[[ Data shown, beginning ]]

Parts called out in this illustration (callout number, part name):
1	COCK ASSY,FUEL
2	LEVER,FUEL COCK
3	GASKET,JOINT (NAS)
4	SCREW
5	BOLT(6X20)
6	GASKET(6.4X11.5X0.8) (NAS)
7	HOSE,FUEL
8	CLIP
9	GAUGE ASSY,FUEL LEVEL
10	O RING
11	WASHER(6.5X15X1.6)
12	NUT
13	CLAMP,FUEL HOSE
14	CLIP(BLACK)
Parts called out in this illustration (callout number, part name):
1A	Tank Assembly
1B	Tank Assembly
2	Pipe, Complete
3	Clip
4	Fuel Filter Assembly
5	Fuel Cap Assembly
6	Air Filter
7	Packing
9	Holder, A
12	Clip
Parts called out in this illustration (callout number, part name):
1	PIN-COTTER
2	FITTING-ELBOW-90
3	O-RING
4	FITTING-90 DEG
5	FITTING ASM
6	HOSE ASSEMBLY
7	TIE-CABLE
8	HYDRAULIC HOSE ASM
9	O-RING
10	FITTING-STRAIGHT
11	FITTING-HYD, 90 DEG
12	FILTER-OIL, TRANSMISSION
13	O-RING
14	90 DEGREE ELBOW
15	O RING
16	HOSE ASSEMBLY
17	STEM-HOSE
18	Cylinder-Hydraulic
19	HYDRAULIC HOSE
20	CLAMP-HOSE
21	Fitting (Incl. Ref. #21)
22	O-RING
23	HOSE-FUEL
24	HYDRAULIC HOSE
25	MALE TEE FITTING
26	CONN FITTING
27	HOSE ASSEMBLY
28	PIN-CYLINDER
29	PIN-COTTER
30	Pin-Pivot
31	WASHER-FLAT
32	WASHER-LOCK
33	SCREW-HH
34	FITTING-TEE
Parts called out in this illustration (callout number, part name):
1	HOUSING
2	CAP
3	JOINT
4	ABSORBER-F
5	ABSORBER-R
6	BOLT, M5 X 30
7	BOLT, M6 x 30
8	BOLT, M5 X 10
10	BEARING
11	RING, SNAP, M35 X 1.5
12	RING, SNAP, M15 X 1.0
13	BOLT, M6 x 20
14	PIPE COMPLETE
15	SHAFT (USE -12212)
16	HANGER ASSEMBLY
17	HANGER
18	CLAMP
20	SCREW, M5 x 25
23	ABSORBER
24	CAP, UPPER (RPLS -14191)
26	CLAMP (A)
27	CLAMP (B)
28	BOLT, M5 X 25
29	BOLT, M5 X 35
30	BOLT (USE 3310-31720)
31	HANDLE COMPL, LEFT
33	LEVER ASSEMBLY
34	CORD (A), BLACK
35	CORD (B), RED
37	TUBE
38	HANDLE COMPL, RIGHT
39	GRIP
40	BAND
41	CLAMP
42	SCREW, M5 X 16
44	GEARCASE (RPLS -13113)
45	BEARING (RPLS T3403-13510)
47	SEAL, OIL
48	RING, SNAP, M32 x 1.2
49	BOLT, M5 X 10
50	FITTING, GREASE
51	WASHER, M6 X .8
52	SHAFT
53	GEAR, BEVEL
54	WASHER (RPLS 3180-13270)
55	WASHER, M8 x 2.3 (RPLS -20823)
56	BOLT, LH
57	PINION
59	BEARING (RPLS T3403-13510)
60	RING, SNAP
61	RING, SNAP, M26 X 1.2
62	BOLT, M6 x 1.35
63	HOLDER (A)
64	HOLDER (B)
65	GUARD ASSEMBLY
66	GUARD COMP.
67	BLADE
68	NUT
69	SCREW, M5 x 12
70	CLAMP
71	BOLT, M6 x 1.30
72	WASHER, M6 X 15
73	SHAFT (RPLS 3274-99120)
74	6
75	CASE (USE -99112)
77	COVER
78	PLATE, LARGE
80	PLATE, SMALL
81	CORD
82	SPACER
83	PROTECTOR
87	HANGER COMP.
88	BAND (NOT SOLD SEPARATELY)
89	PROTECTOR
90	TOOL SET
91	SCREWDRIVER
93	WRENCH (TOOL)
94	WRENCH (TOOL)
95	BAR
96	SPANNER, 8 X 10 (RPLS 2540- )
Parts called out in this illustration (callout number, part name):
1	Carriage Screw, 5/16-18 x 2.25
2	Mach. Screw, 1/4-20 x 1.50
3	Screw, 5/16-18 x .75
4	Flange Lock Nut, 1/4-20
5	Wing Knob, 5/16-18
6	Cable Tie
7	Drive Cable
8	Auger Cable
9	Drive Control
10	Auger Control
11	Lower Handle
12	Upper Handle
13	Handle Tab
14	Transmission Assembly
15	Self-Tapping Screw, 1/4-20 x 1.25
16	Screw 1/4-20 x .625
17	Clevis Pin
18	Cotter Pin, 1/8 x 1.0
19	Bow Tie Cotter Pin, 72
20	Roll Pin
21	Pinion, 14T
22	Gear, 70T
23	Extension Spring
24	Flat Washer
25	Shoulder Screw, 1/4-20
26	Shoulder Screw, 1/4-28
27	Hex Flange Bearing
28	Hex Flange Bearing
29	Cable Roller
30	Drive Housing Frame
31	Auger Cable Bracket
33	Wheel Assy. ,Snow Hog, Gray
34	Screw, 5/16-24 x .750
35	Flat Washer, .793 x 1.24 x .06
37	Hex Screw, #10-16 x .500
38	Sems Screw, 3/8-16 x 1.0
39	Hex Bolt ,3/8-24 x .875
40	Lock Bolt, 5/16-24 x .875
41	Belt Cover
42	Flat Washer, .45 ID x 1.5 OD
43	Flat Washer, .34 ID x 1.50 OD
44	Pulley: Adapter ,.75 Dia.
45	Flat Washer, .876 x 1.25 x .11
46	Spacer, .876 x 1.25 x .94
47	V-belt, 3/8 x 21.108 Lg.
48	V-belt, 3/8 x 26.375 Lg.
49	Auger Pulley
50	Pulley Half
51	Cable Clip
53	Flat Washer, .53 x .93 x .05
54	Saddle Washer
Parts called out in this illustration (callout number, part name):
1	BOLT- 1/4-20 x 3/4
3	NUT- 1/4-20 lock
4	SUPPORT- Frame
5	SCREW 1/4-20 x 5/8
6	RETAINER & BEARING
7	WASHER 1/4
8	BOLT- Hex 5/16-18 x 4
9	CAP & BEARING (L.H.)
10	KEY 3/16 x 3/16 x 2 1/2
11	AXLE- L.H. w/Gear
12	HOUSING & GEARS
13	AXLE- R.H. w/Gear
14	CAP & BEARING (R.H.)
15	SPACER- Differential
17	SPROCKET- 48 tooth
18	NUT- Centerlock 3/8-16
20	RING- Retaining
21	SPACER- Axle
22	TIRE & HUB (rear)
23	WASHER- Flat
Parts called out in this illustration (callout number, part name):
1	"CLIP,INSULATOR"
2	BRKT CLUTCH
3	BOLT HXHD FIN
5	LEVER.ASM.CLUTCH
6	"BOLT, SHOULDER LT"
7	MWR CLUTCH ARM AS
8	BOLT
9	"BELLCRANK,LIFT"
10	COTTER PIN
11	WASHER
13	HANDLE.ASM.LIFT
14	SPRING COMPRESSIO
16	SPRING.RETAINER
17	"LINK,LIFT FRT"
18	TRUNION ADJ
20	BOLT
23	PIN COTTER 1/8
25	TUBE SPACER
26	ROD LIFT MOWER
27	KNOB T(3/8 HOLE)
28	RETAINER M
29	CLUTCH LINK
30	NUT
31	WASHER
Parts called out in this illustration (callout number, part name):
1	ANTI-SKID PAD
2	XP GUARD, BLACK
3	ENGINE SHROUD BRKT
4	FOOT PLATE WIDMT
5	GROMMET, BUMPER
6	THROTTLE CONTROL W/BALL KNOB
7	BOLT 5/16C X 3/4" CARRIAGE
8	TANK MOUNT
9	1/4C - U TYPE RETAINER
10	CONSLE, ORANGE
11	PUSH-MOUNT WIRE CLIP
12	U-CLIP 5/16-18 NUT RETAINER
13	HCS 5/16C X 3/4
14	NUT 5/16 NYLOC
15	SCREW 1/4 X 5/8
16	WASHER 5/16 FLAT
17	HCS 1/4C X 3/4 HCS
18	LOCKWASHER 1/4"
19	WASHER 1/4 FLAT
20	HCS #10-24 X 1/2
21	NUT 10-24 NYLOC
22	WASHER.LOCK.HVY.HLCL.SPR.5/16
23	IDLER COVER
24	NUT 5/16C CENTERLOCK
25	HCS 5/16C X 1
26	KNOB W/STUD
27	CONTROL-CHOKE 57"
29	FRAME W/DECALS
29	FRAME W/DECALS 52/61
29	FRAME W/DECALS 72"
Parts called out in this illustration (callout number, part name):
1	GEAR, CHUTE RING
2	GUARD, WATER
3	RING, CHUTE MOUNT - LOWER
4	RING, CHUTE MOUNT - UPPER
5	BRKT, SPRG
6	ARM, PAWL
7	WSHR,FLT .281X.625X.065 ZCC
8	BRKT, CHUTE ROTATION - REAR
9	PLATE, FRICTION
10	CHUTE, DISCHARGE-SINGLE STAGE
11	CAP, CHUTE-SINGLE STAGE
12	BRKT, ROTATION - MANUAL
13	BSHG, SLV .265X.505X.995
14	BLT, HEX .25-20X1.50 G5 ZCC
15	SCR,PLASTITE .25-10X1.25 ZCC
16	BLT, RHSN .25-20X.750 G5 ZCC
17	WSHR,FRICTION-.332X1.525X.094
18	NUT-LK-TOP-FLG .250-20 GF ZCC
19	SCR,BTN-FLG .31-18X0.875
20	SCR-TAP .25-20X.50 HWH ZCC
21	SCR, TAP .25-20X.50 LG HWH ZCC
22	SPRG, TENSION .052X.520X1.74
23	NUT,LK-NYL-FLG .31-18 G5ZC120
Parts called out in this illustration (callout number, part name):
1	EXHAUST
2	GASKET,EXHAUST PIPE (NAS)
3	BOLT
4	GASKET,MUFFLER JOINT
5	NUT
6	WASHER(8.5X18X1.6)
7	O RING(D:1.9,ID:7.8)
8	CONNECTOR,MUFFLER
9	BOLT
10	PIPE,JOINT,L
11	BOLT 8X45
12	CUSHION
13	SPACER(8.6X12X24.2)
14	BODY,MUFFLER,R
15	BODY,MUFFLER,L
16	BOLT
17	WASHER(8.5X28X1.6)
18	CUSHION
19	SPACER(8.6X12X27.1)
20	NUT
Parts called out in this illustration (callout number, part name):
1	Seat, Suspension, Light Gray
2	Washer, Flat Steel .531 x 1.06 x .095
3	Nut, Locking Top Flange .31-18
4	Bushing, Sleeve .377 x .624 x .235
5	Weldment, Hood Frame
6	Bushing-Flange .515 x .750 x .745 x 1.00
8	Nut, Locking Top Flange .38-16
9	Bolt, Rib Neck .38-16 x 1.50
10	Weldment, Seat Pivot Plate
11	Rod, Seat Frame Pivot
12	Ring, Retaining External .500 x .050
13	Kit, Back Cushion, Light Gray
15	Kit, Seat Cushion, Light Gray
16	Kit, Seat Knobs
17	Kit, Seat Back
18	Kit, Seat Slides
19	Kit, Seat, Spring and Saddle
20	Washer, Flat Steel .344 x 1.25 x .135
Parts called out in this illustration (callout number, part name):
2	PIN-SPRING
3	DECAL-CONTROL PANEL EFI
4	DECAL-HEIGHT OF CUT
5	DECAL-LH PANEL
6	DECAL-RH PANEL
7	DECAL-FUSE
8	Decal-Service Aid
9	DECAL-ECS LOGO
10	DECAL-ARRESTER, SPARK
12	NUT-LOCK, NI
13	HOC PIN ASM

[[ Data shown, end ]]

_Work request_.
If the word "JOINT" appears in a line above, copy that line.

_Answer to this problem_.
3	GASKET,JOINT (NAS)
3	JOINT
4	GASKET,MUFFLER JOINT
10	PIPE,JOINT,L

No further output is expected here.